How to complete this task: Start at the top of the records and, please, print each line exactly through the line that contains "Its self-contained STEP", leaving out all pictures.

-------

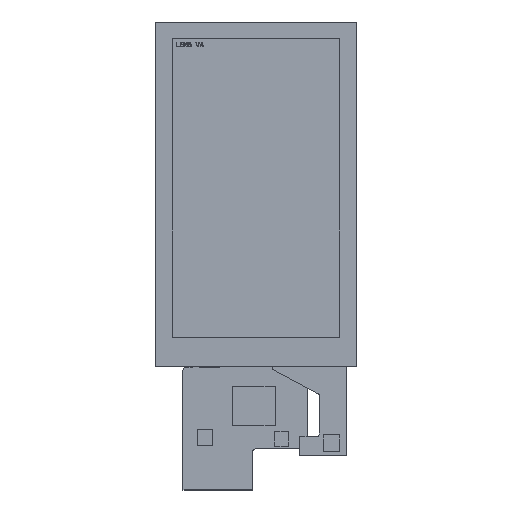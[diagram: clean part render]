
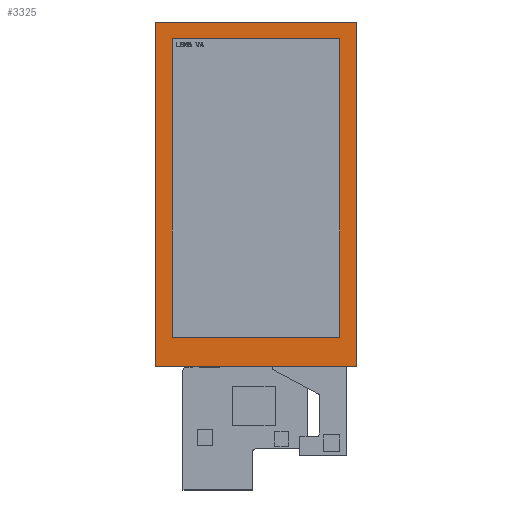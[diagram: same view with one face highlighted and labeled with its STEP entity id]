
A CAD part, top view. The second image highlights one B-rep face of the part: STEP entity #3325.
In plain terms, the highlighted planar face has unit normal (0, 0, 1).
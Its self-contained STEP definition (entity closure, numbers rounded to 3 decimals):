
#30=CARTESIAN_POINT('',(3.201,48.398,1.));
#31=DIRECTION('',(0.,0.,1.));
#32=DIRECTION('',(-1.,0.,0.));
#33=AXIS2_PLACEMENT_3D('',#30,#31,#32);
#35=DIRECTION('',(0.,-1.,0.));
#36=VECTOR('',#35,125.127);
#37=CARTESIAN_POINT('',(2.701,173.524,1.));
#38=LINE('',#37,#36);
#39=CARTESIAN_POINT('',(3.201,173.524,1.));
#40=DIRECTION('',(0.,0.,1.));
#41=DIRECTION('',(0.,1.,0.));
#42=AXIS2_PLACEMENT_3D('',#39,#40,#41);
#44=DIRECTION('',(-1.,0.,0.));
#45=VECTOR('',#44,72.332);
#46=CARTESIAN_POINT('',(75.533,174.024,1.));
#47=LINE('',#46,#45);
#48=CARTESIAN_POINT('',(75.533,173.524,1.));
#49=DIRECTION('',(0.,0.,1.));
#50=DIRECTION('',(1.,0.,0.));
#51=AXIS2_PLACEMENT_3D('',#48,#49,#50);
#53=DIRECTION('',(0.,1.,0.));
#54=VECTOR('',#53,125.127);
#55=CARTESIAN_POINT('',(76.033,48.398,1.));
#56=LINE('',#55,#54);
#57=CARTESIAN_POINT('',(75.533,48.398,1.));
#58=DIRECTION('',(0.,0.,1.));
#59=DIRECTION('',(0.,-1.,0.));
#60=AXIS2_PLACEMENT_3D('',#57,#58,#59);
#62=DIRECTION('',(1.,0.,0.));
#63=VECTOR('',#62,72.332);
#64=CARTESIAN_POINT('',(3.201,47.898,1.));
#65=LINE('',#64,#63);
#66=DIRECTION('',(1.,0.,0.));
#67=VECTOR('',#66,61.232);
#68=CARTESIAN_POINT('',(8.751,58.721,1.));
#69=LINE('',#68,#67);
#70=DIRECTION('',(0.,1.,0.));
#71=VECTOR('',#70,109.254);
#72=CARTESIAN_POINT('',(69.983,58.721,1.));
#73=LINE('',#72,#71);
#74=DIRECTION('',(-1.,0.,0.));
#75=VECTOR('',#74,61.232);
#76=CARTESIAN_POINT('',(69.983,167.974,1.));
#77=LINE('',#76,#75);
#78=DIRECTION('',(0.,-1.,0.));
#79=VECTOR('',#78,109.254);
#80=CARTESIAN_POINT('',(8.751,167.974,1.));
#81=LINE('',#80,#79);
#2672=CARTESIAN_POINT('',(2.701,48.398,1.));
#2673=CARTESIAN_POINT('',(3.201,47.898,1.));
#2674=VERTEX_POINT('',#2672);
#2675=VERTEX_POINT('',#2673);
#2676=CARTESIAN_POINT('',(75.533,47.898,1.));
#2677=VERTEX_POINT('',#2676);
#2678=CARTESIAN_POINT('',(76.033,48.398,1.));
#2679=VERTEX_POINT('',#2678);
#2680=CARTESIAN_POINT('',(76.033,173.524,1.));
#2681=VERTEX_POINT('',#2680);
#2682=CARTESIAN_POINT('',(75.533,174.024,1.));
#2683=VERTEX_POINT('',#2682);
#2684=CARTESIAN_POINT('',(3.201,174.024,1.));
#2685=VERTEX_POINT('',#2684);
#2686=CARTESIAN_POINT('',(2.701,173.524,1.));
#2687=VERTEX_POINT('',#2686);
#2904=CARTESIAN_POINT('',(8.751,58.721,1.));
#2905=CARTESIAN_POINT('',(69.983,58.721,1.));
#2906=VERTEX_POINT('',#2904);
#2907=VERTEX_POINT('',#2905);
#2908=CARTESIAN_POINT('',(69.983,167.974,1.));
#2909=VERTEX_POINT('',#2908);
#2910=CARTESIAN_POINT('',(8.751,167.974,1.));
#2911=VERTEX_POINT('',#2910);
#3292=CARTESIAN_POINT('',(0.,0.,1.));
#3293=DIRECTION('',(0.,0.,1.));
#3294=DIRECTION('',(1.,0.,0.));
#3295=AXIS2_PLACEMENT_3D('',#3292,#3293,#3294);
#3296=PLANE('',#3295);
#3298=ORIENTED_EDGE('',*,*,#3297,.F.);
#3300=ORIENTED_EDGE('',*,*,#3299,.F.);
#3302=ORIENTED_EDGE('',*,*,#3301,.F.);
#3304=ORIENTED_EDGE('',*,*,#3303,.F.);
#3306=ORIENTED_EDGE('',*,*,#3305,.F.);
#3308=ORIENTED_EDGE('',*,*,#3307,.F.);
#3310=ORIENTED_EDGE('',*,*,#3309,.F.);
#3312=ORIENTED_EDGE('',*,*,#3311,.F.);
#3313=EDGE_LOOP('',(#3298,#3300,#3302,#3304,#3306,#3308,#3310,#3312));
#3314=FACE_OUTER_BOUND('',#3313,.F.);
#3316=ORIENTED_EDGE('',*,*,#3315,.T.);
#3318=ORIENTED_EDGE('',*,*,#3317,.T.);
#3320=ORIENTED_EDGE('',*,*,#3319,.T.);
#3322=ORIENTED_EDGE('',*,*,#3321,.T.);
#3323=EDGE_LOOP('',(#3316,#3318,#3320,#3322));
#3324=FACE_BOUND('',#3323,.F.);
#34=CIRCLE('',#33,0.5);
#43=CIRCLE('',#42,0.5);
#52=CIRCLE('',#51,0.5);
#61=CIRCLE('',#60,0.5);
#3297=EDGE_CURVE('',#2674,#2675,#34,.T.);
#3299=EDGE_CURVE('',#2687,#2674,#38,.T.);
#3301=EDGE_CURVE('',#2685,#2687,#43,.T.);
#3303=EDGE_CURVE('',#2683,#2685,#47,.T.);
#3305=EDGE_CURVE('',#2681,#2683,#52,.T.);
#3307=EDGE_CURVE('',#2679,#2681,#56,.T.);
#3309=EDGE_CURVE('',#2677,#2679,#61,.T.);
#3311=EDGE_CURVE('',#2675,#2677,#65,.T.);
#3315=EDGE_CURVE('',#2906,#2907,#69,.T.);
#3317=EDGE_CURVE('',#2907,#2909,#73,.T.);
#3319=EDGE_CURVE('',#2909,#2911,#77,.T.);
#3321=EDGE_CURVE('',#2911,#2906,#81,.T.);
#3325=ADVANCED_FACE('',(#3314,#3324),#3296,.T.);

-------

Task response:
[diagram: clean part render]
[diagram: same view with one face highlighted and labeled with its STEP entity id]
A CAD part, top view. The second image highlights one B-rep face of the part: STEP entity #3325.
In plain terms, the highlighted planar face has unit normal (0, 0, 1).
Its self-contained STEP definition (entity closure, numbers rounded to 3 decimals):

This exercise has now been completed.